Urso P, Gengozian N, Rossi R M, Johnson R A
J Immunopharmacol. 1986;8(2):223-41. doi: 10.3109/08923978609028616.
The effect of benzo(a)pyrene (BaP) at different molar (M) concentrations on the in vitro anti-sheep red blood cell (SRBC) plaque (antibody) forming cell (PFC) response and the one-way mixed lymphocyte response (MLR) was tested. Inhibition of the PFC response and the MLR occurred when spleen cells were exposed to a wide range of BaP concentrations from 10(-4) M to 10(-8) M. Maximum depression of the responses occurred at 10(-5) M for PFC production (47% of controls) and for the MLR (19% of controls) as measured by a stimulation index. No significant loss in cell viability was observed at this or lower molar concentrations of BaP. The non-carcinogenic analog of BaP, benzo(e)pyrene, did not suppress PFC responses at comparable concentrations. This in vitro system will facilitate manipulations of T and B lymphocytes and macrophages (adherent cells) in a controlled culture environment for precisely characterizing the sensitivity of these cells and their subpopulations on exposure to BaP.

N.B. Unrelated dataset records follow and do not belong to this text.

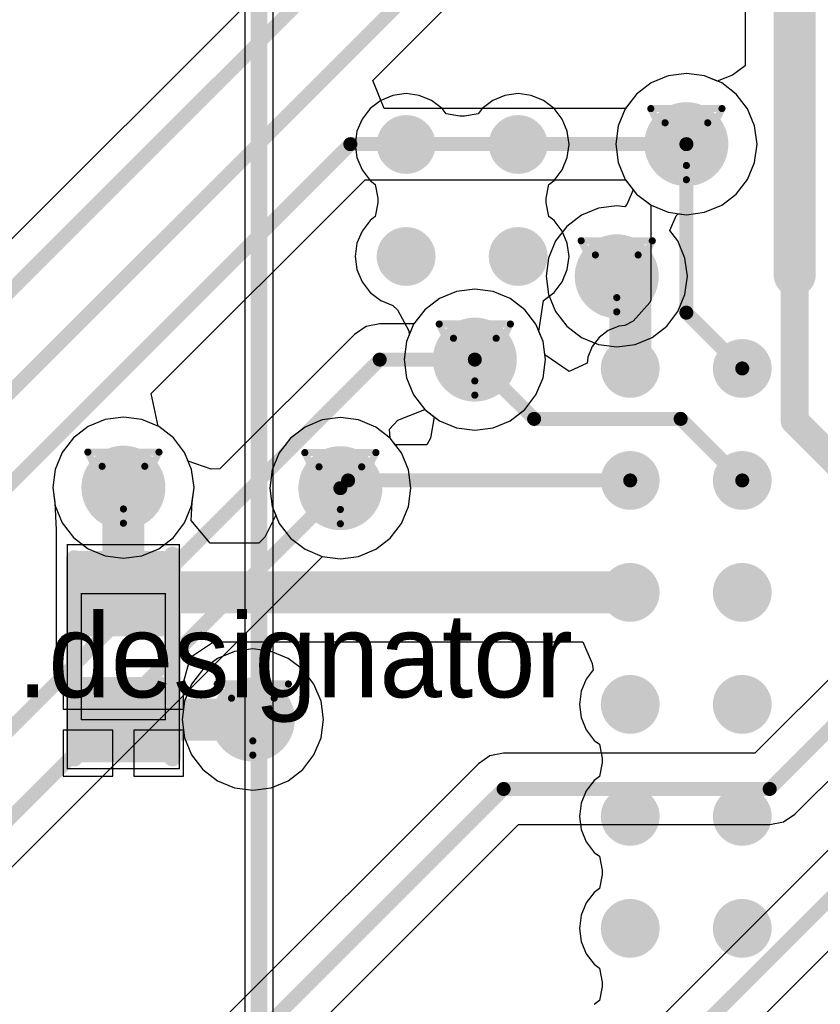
# Model space of a CAD drawing. Header units: millimetres. Extents: x 138 to 555, y 26 to 334.
# Tile 331 of 656: x 253.54 to 259.25, y 223.74 to 230.77. Entities that reach past the tile are written whole.
import ezdxf

# ---------------------------------------------------------------- set-up
doc = ezdxf.new("R2010")
doc.units = ezdxf.units.MM
for name, color, linetype in [('BottomLayer', 5, 'Continuous'), ('DrillDrawing', 1, 'Continuous'), ('Mechanical20', 56, 'Continuous'), ('Mechanical27', 56, 'Continuous'), ('MidLayer1', 16, 'Continuous'), ('MidLayer2', 76, 'Continuous'), ('MidLayer3', 90, 'Continuous'), ('MidLayer4', 156, 'Continuous'), ('MultiLayer', 9, 'Continuous'), ('TopLayer', 1, 'Continuous'), ('TopOverlay', 2, 'Continuous'), ('TopPaste', 8, 'Continuous'), ('TopSolder', 216, 'Continuous'), ('ViaHoleLayer', 16, 'Continuous')]:
    doc.layers.add(name, color=color, linetype=linetype)

# ---------------------------------------------------------------- blocks, each defined once
blk = doc.blocks.new('ICC_VFBGA63_9X11_P080_537')
at = {"layer": 'Mechanical20', "const_width": 0.01}
blk.add_lwpolyline([(4.75, 5.75), (4.75, -5.75)], dxfattribs=at)
at = {"layer": 'Mechanical27', "const_width": 0.01}
blk.add_lwpolyline([(4.55, 5.55), (4.55, -5.55)], dxfattribs=at)
at = {"layer": 'TopLayer', "const_width": 0.16}
for points in [[(1.12, 1.2, 1), (1.28, 1.2, 1)], [(1.92, 1.2, 1), (2.08, 1.2, 1)], [(1.12, 0.4, 1), (1.28, 0.4, 1)], [(1.92, 0.4, 1), (2.08, 0.4, 1)], [(1.12, -0.4, 1), (1.28, -0.4, 1)], [(1.92, -0.4, 1), (2.08, -0.4, 1)], [(1.12, -1.2, 1), (1.28, -1.2, 1)], [(1.92, -1.2, 1), (2.08, -1.2, 1)], [(1.12, -2, 1), (1.28, -2, 1)], [(1.92, -2, 1), (2.08, -2, 1)], [(1.12, -2.8, 1), (1.28, -2.8, 1)], [(1.92, -2.8, 1), (2.08, -2.8, 1)], [(2.72, -3.6, 1), (2.88, -3.6, 1)], [(3.52, -3.6, 1), (3.68, -3.6, 1)], [(2.72, -4.4, 1), (2.88, -4.4, 1)], [(3.52, -4.4, 1), (3.68, -4.4, 1)]]:
    blk.add_lwpolyline(points, format="xyb", close=True, dxfattribs=at)
at = {"layer": 'TopOverlay', "const_width": 0.12}
blk.add_lwpolyline([(4.65, 5.65), (4.65, -5.65)], dxfattribs=at)
at = {"layer": 'TopPaste', "const_width": 0.16}
for points in [[(1.12, 1.2, 1), (1.28, 1.2, 1)], [(1.92, 1.2, 1), (2.08, 1.2, 1)], [(1.12, 0.4, 1), (1.28, 0.4, 1)], [(1.92, 0.4, 1), (2.08, 0.4, 1)], [(1.12, -0.4, 1), (1.28, -0.4, 1)], [(1.92, -0.4, 1), (2.08, -0.4, 1)], [(1.12, -1.2, 1), (1.28, -1.2, 1)], [(1.92, -1.2, 1), (2.08, -1.2, 1)], [(1.12, -2, 1), (1.28, -2, 1)], [(1.92, -2, 1), (2.08, -2, 1)], [(1.12, -2.8, 1), (1.28, -2.8, 1)], [(1.92, -2.8, 1), (2.08, -2.8, 1)], [(2.72, -3.6, 1), (2.88, -3.6, 1)], [(3.52, -3.6, 1), (3.68, -3.6, 1)], [(2.72, -4.4, 1), (2.88, -4.4, 1)], [(3.52, -4.4, 1), (3.68, -4.4, 1)]]:
    blk.add_lwpolyline(points, format="xyb", close=True, dxfattribs=at)
at = {"layer": 'TopSolder', "const_width": 0.21}
for points in [[(1.095, 1.2, 1), (1.305, 1.2, 1)], [(1.895, 1.2, 1), (2.105, 1.2, 1)], [(1.095, 0.4, 1), (1.305, 0.4, 1)], [(1.895, 0.4, 1), (2.105, 0.4, 1)], [(1.095, -0.4, 1), (1.305, -0.4, 1)], [(1.895, -0.4, 1), (2.105, -0.4, 1)], [(1.095, -1.2, 1), (1.305, -1.2, 1)], [(1.895, -1.2, 1), (2.105, -1.2, 1)], [(1.095, -2, 1), (1.305, -2, 1)], [(1.895, -2, 1), (2.105, -2, 1)], [(1.095, -2.8, 1), (1.305, -2.8, 1)], [(1.895, -2.8, 1), (2.105, -2.8, 1)], [(2.695, -3.6, 1), (2.905, -3.6, 1)], [(3.495, -3.6, 1), (3.705, -3.6, 1)], [(2.695, -4.4, 1), (2.905, -4.4, 1)], [(3.495, -4.4, 1), (3.705, -4.4, 1)]]:
    blk.add_lwpolyline(points, format="xyb", close=True, dxfattribs=at)
blk = doc.blocks.new('C0402_876')
at = {"layer": 'Mechanical20', "const_width": 0.01}
for points in [[(-0.8, 0.4), (0.8, 0.4)], [(-0.8, 0.4), (-0.8, -0.4)], [(0.8, 0.4), (0.8, -0.4)], [(-0.8, -0.4), (0.8, -0.4)]]:
    blk.add_lwpolyline(points, dxfattribs=at)
at = {"layer": 'Mechanical20', "const_width": 0.005}
for points in [[(-0.8025, 0.4, 1), (-0.7975, 0.4, 1)], [(-0.8025, 0.4, 1), (-0.7975, 0.4, 1)], [(0.7975, 0.4, 1), (0.8025, 0.4, 1)], [(0.7975, 0.4, 1), (0.8025, 0.4, 1)], [(-0.8025, -0.4, 1), (-0.7975, -0.4, 1)], [(-0.8025, -0.4, 1), (-0.7975, -0.4, 1)], [(0.7975, -0.4, 1), (0.8025, -0.4, 1)], [(0.7975, -0.4, 1), (0.8025, -0.4, 1)]]:
    blk.add_lwpolyline(points, format="xyb", close=True, dxfattribs=at)
at = {"layer": 'Mechanical27', "const_width": 0.01}
for points in [[(-0.45, 0.3), (0.45, 0.3)], [(-0.45, 0.3), (-0.45, -0.3)], [(0.45, 0.3), (0.45, -0.3)], [(-0.45, -0.3), (0.45, -0.3)]]:
    blk.add_lwpolyline(points, dxfattribs=at)
at = {"layer": 'Mechanical27', "const_width": 0.005}
for points in [[(-0.4525, 0.3, 1), (-0.4475, 0.3, 1)], [(-0.4525, 0.3, 1), (-0.4475, 0.3, 1)], [(0.4475, 0.3, 1), (0.4525, 0.3, 1)], [(0.4475, 0.3, 1), (0.4525, 0.3, 1)], [(-0.4525, -0.3, 1), (-0.4475, -0.3, 1)], [(-0.4525, -0.3, 1), (-0.4475, -0.3, 1)], [(0.4475, -0.3, 1), (0.4525, -0.3, 1)], [(0.4475, -0.3, 1), (0.4525, -0.3, 1)]]:
    blk.add_lwpolyline(points, format="xyb", close=True, dxfattribs=at)
at = {"layer": 'TopLayer'}
for points in [[(-0.195, -0.28), (-0.195, 0.28), (-0.705, -0.28), (-0.705, 0.28)], [(0.705, -0.28), (0.705, 0.28), (0.195, -0.28), (0.195, 0.28)]]:
    blk.add_solid(points, dxfattribs=at)
at = {"layer": 'TopOverlay', "const_width": 0.12}
for points in [[(-0.725, 0.35), (0.7, 0.35)], [(-0.725, -0.35), (0.725, -0.35)]]:
    blk.add_lwpolyline(points, dxfattribs=at)
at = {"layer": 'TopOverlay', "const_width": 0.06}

测试了不同摩尔(M)浓度的苯并(a)芘(BaP)对体外抗绵羊红细胞(SRBC)斑块(抗体)形成细胞(PFC)反应和单向混合淋巴细胞反应(MLR)的影响。当脾细胞暴露于10⁻⁴ M至10⁻⁸ M的广泛BaP浓度范围时,PFC反应和MLR受到抑制。通过刺激指数测量,PFC产生和MLR的最大反应抑制分别出现在10⁻⁵ M时(分别为对照的47%和19%)。在该摩尔浓度或更低浓度的BaP下,未观察到细胞活力有显著损失。BaP的非致癌类似物苯并(e)芘在可比浓度下未抑制PFC反应。这种体外系统将有助于在可控培养环境中对T和B淋巴细胞以及巨噬细胞(贴壁细胞)进行操作,以精确表征这些细胞及其亚群在暴露于BaP时的敏感性。